• Problem statement: A picture-free, exact copy of all the records below is the goal.

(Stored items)
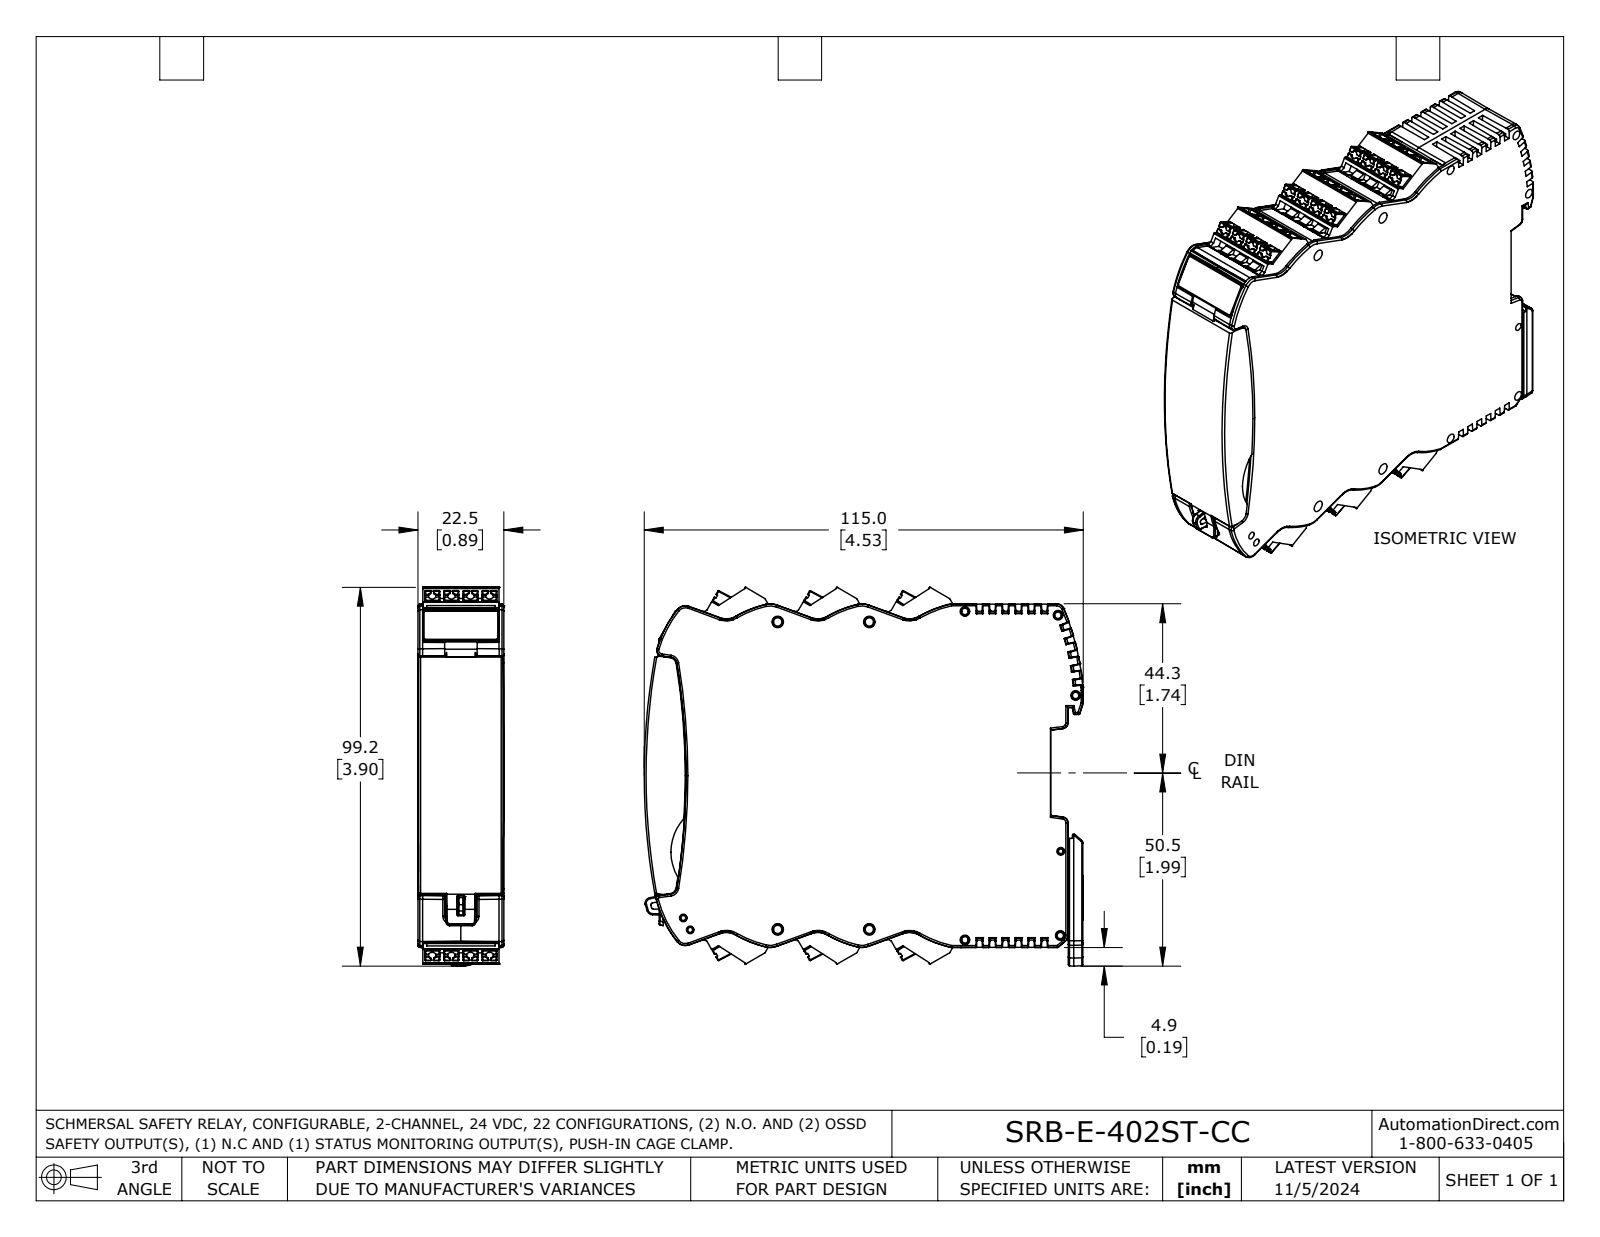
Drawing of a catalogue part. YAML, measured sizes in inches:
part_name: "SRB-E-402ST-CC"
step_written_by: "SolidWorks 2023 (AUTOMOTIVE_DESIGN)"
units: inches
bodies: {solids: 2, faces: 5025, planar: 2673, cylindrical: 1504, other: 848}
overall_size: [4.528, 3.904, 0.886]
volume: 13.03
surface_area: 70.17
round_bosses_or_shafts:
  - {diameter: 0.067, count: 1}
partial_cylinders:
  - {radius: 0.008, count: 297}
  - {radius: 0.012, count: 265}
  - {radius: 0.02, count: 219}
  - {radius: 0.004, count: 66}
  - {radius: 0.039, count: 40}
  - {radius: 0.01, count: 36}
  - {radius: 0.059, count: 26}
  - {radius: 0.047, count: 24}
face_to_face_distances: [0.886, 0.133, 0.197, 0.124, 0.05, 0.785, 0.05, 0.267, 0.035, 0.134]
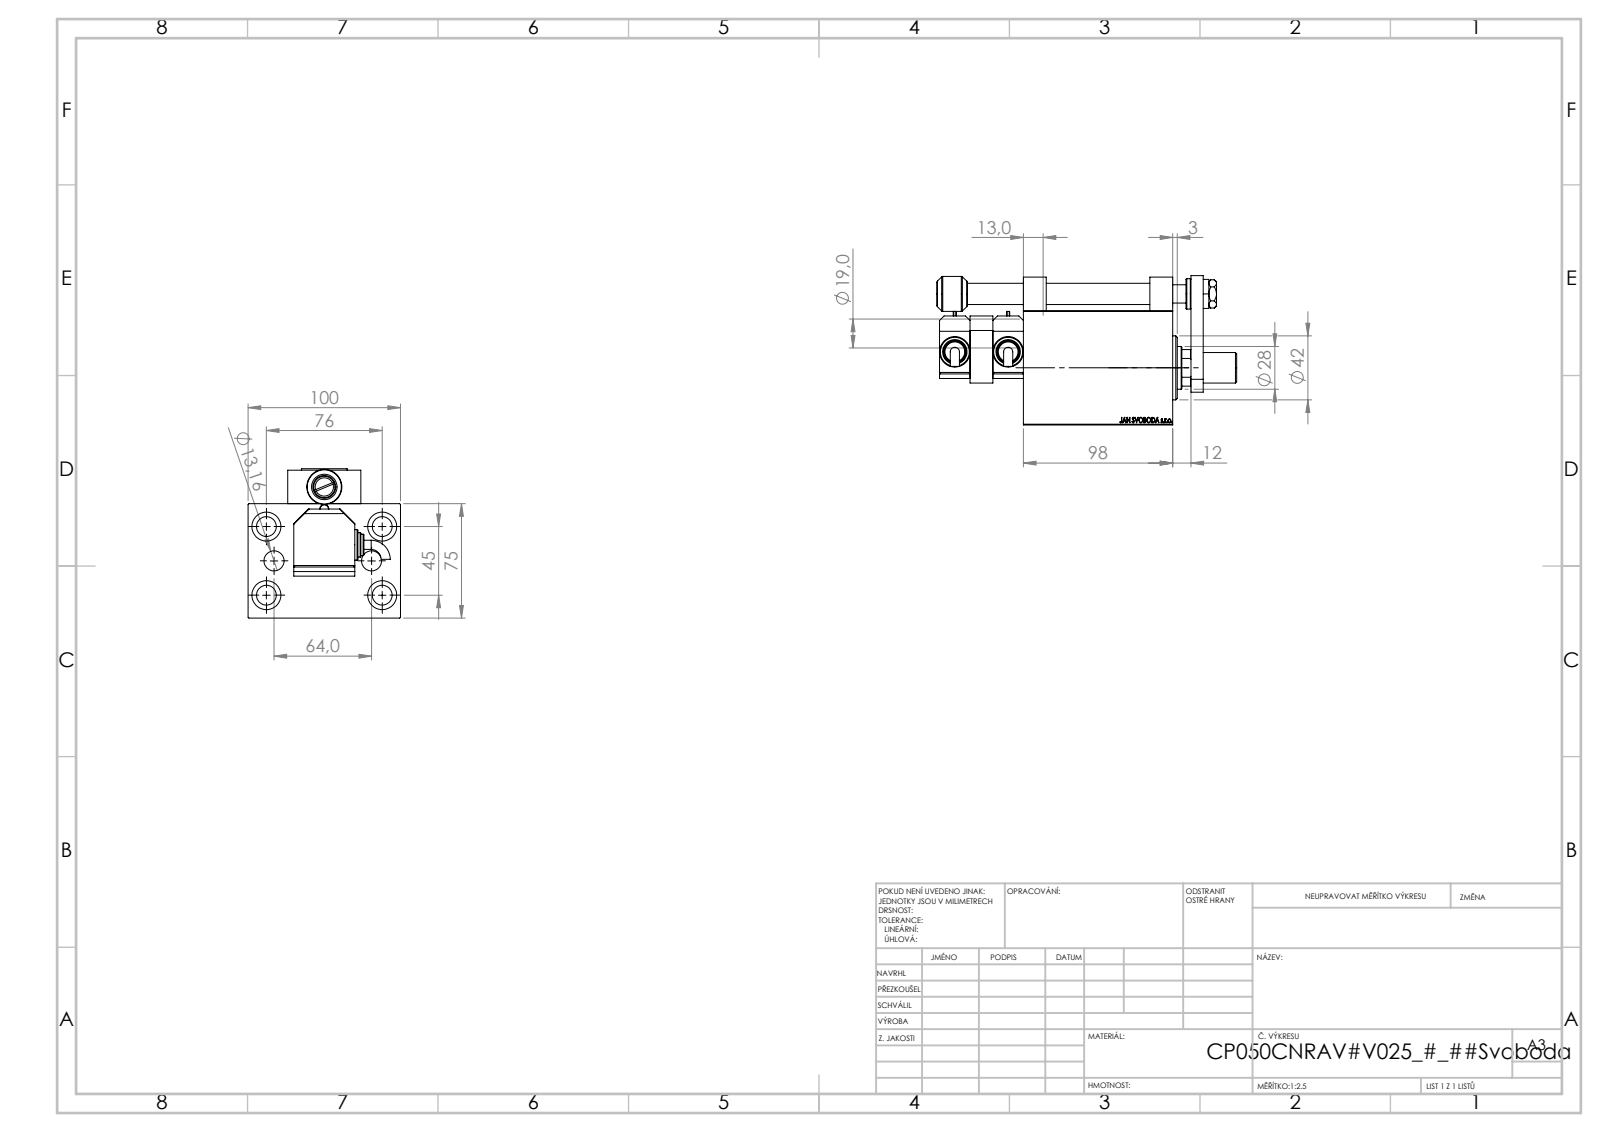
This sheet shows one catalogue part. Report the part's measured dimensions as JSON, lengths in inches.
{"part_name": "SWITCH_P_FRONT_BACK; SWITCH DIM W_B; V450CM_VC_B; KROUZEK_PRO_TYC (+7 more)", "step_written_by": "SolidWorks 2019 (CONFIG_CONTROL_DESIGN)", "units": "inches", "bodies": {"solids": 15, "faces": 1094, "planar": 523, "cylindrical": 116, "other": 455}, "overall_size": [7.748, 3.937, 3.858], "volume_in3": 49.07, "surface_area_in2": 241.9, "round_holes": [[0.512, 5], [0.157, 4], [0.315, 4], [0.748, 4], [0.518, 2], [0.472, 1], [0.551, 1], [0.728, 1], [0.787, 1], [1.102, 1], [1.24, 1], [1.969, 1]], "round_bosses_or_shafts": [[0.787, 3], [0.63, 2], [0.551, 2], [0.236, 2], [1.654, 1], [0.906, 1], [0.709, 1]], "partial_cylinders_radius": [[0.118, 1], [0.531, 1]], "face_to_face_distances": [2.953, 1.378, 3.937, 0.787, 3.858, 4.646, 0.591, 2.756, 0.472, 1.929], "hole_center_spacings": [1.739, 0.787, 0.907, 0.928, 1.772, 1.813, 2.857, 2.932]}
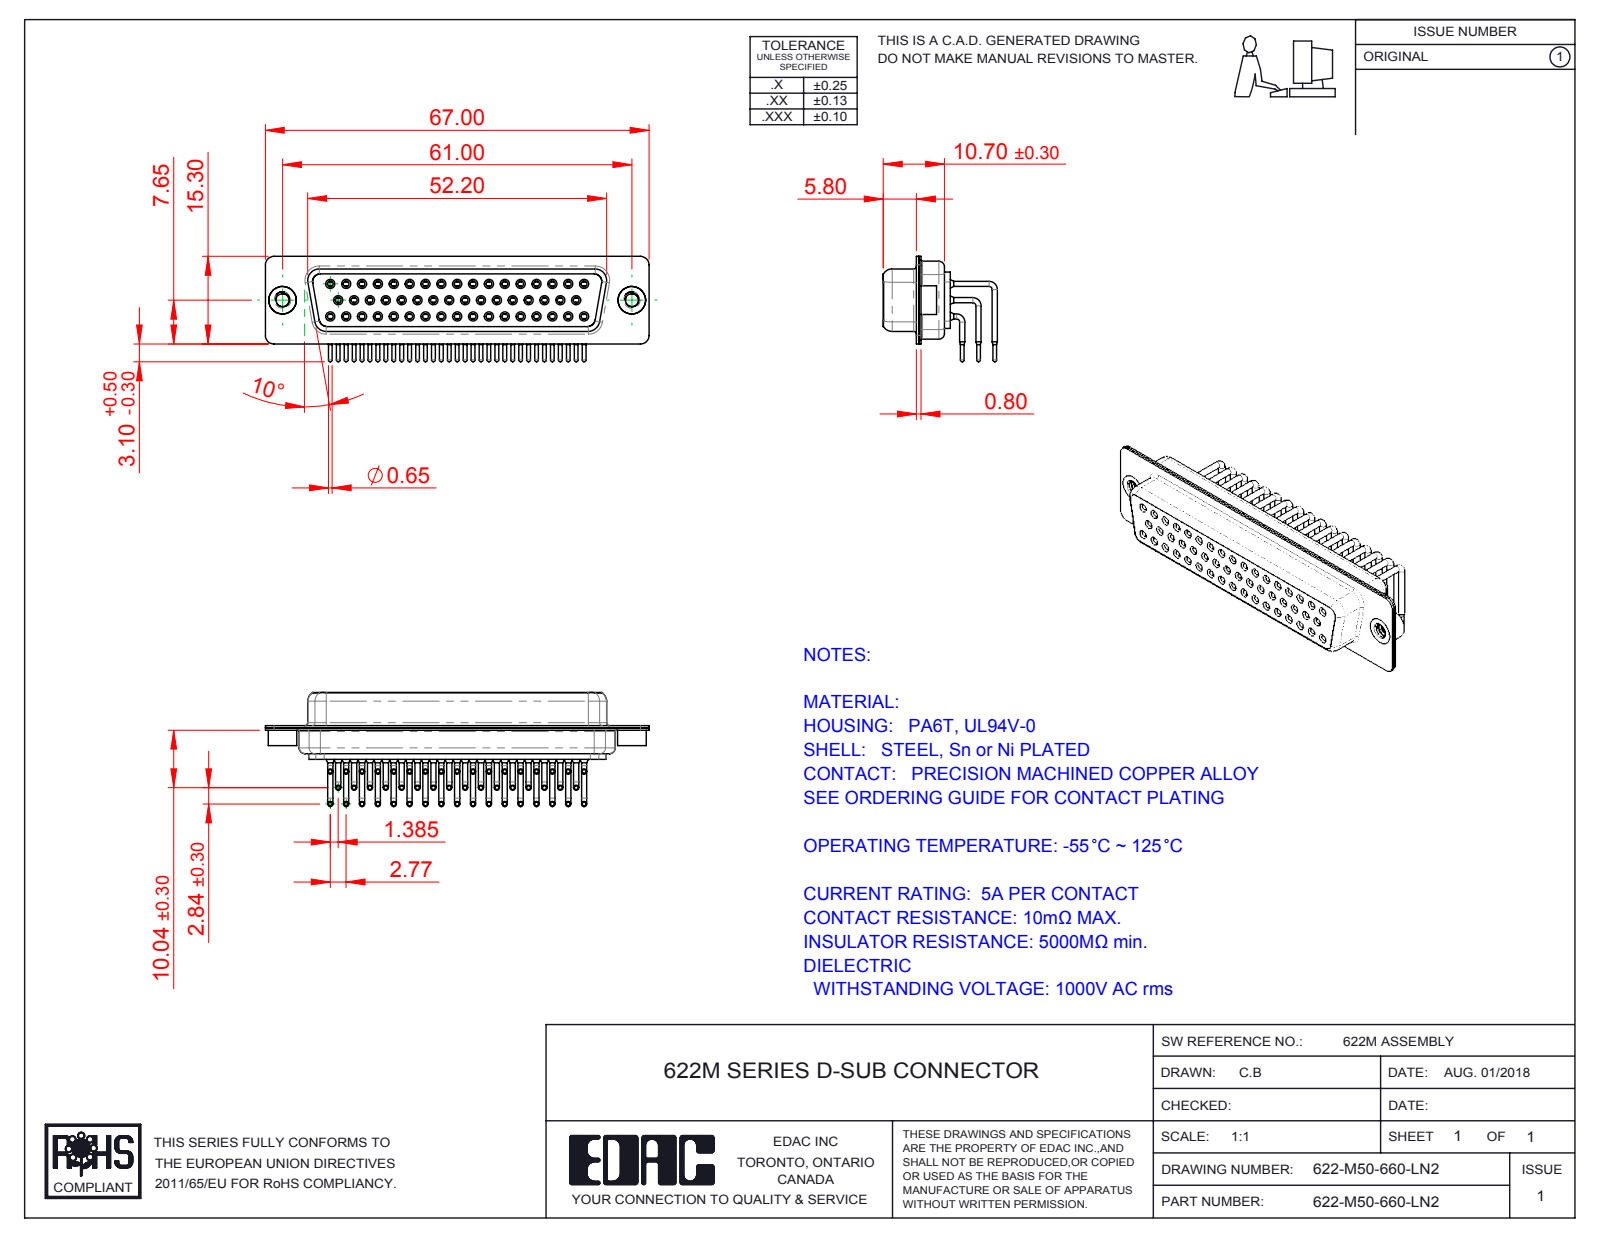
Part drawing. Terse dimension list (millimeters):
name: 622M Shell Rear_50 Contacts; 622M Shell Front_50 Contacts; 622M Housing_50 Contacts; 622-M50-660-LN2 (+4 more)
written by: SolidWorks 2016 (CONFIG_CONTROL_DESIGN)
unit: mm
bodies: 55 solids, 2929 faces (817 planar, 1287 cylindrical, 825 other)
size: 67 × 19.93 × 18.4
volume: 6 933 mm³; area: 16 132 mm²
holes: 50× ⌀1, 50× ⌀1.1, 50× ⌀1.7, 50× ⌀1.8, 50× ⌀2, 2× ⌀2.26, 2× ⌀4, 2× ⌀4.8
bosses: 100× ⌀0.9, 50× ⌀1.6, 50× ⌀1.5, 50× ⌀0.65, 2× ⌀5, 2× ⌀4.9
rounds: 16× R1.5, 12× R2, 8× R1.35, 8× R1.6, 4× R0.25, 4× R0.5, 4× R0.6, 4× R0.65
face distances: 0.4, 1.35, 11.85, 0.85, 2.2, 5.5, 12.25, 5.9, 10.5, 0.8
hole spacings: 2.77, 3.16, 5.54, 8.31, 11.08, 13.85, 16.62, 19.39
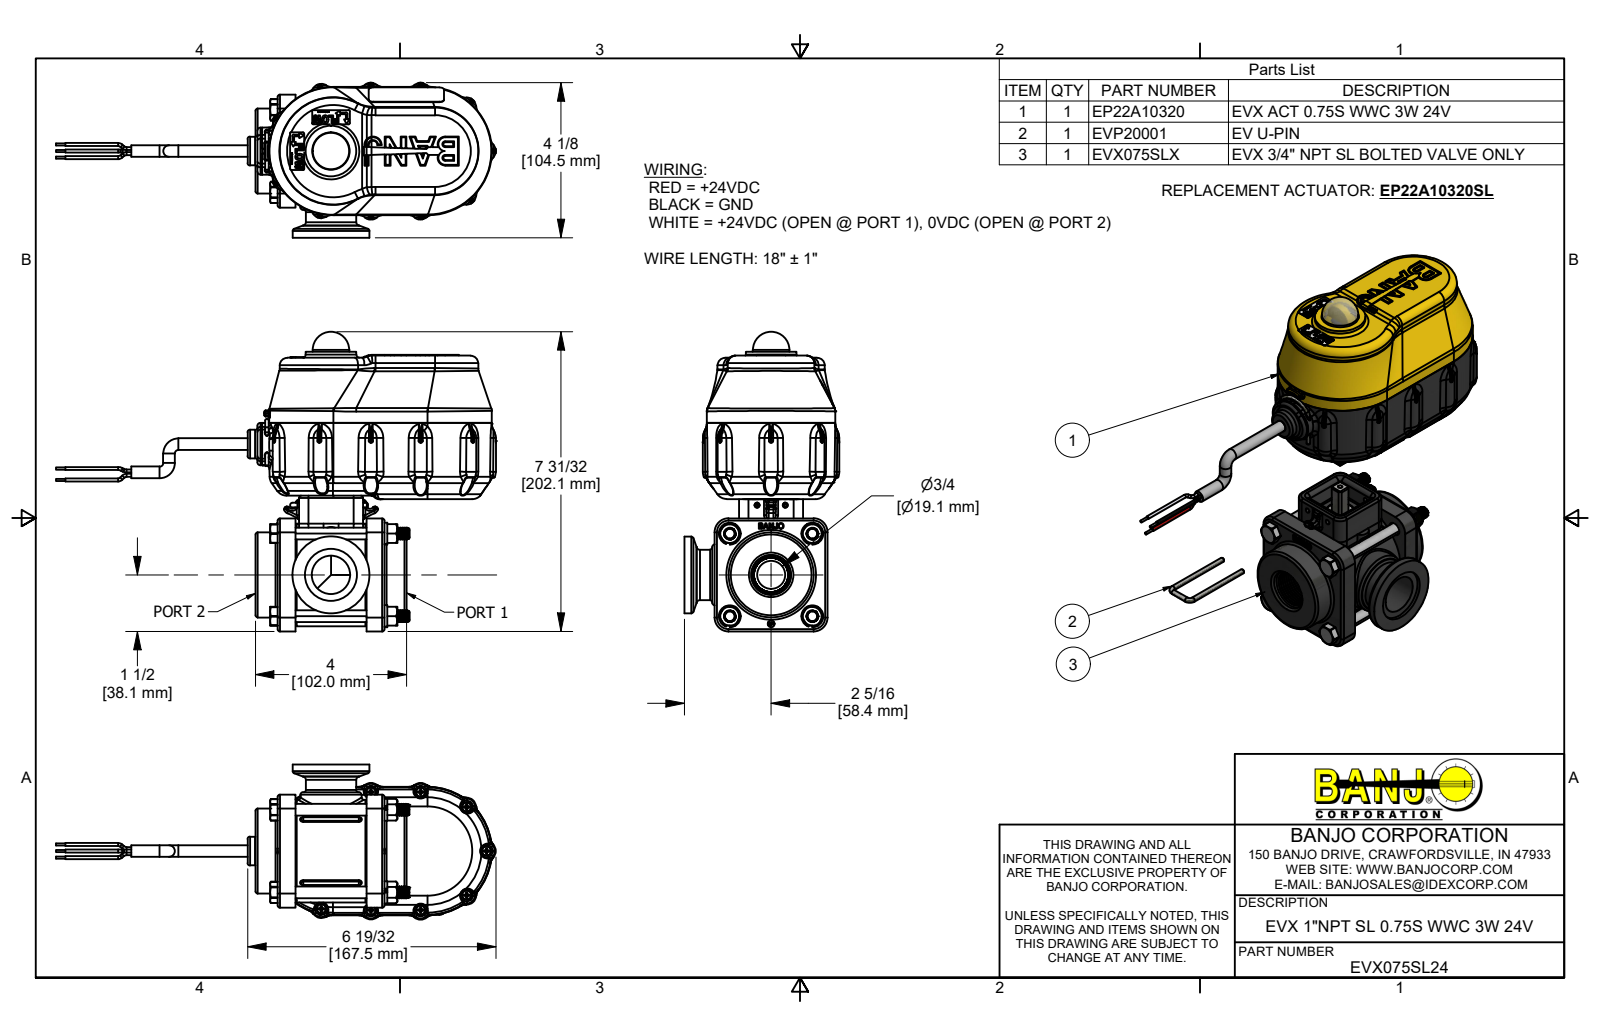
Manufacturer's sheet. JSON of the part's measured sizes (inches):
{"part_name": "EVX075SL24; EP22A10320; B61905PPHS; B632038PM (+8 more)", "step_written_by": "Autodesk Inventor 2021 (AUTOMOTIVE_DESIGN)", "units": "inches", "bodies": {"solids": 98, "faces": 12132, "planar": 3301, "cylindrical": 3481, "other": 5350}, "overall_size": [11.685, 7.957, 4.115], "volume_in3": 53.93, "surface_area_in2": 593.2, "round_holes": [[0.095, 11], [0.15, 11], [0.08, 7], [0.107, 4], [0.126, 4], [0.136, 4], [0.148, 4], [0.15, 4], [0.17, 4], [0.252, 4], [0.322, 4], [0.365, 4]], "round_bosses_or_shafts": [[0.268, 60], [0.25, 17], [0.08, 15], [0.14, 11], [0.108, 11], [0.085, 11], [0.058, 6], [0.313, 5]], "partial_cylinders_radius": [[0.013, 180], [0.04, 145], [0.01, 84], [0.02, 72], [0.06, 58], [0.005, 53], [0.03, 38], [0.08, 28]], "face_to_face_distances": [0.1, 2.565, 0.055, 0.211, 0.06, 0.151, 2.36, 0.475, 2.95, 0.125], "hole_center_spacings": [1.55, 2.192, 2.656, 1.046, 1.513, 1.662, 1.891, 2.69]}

• Response below:
Drawing of a catalogue part. YAML, measured sizes in inches:
part_name: "SRB-E-402ST-CC"
step_written_by: "SolidWorks 2023 (AUTOMOTIVE_DESIGN)"
units: inches
bodies: {solids: 2, faces: 5025, planar: 2673, cylindrical: 1504, other: 848}
overall_size: [4.528, 3.904, 0.886]
volume: 13.03
surface_area: 70.17
round_bosses_or_shafts:
  - {diameter: 0.067, count: 1}
partial_cylinders:
  - {radius: 0.008, count: 297}
  - {radius: 0.012, count: 265}
  - {radius: 0.02, count: 219}
  - {radius: 0.004, count: 66}
  - {radius: 0.039, count: 40}
  - {radius: 0.01, count: 36}
  - {radius: 0.059, count: 26}
  - {radius: 0.047, count: 24}
face_to_face_distances: [0.886, 0.133, 0.197, 0.124, 0.05, 0.785, 0.05, 0.267, 0.035, 0.134]
This sheet shows one catalogue part. Report the part's measured dimensions as JSON, lengths in inches.
{"part_name": "SWITCH_P_FRONT_BACK; SWITCH DIM W_B; V450CM_VC_B; KROUZEK_PRO_TYC (+7 more)", "step_written_by": "SolidWorks 2019 (CONFIG_CONTROL_DESIGN)", "units": "inches", "bodies": {"solids": 15, "faces": 1094, "planar": 523, "cylindrical": 116, "other": 455}, "overall_size": [7.748, 3.937, 3.858], "volume_in3": 49.07, "surface_area_in2": 241.9, "round_holes": [[0.512, 5], [0.157, 4], [0.315, 4], [0.748, 4], [0.518, 2], [0.472, 1], [0.551, 1], [0.728, 1], [0.787, 1], [1.102, 1], [1.24, 1], [1.969, 1]], "round_bosses_or_shafts": [[0.787, 3], [0.63, 2], [0.551, 2], [0.236, 2], [1.654, 1], [0.906, 1], [0.709, 1]], "partial_cylinders_radius": [[0.118, 1], [0.531, 1]], "face_to_face_distances": [2.953, 1.378, 3.937, 0.787, 3.858, 4.646, 0.591, 2.756, 0.472, 1.929], "hole_center_spacings": [1.739, 0.787, 0.907, 0.928, 1.772, 1.813, 2.857, 2.932]}
Part drawing. Terse dimension list (millimeters):
name: 622M Shell Rear_50 Contacts; 622M Shell Front_50 Contacts; 622M Housing_50 Contacts; 622-M50-660-LN2 (+4 more)
written by: SolidWorks 2016 (CONFIG_CONTROL_DESIGN)
unit: mm
bodies: 55 solids, 2929 faces (817 planar, 1287 cylindrical, 825 other)
size: 67 × 19.93 × 18.4
volume: 6 933 mm³; area: 16 132 mm²
holes: 50× ⌀1, 50× ⌀1.1, 50× ⌀1.7, 50× ⌀1.8, 50× ⌀2, 2× ⌀2.26, 2× ⌀4, 2× ⌀4.8
bosses: 100× ⌀0.9, 50× ⌀1.6, 50× ⌀1.5, 50× ⌀0.65, 2× ⌀5, 2× ⌀4.9
rounds: 16× R1.5, 12× R2, 8× R1.35, 8× R1.6, 4× R0.25, 4× R0.5, 4× R0.6, 4× R0.65
face distances: 0.4, 1.35, 11.85, 0.85, 2.2, 5.5, 12.25, 5.9, 10.5, 0.8
hole spacings: 2.77, 3.16, 5.54, 8.31, 11.08, 13.85, 16.62, 19.39
Manufacturer's sheet. JSON of the part's measured sizes (inches):
{"part_name": "EVX075SL24; EP22A10320; B61905PPHS; B632038PM (+8 more)", "step_written_by": "Autodesk Inventor 2021 (AUTOMOTIVE_DESIGN)", "units": "inches", "bodies": {"solids": 98, "faces": 12132, "planar": 3301, "cylindrical": 3481, "other": 5350}, "overall_size": [11.685, 7.957, 4.115], "volume_in3": 53.93, "surface_area_in2": 593.2, "round_holes": [[0.095, 11], [0.15, 11], [0.08, 7], [0.107, 4], [0.126, 4], [0.136, 4], [0.148, 4], [0.15, 4], [0.17, 4], [0.252, 4], [0.322, 4], [0.365, 4]], "round_bosses_or_shafts": [[0.268, 60], [0.25, 17], [0.08, 15], [0.14, 11], [0.108, 11], [0.085, 11], [0.058, 6], [0.313, 5]], "partial_cylinders_radius": [[0.013, 180], [0.04, 145], [0.01, 84], [0.02, 72], [0.06, 58], [0.005, 53], [0.03, 38], [0.08, 28]], "face_to_face_distances": [0.1, 2.565, 0.055, 0.211, 0.06, 0.151, 2.36, 0.475, 2.95, 0.125], "hole_center_spacings": [1.55, 2.192, 2.656, 1.046, 1.513, 1.662, 1.891, 2.69]}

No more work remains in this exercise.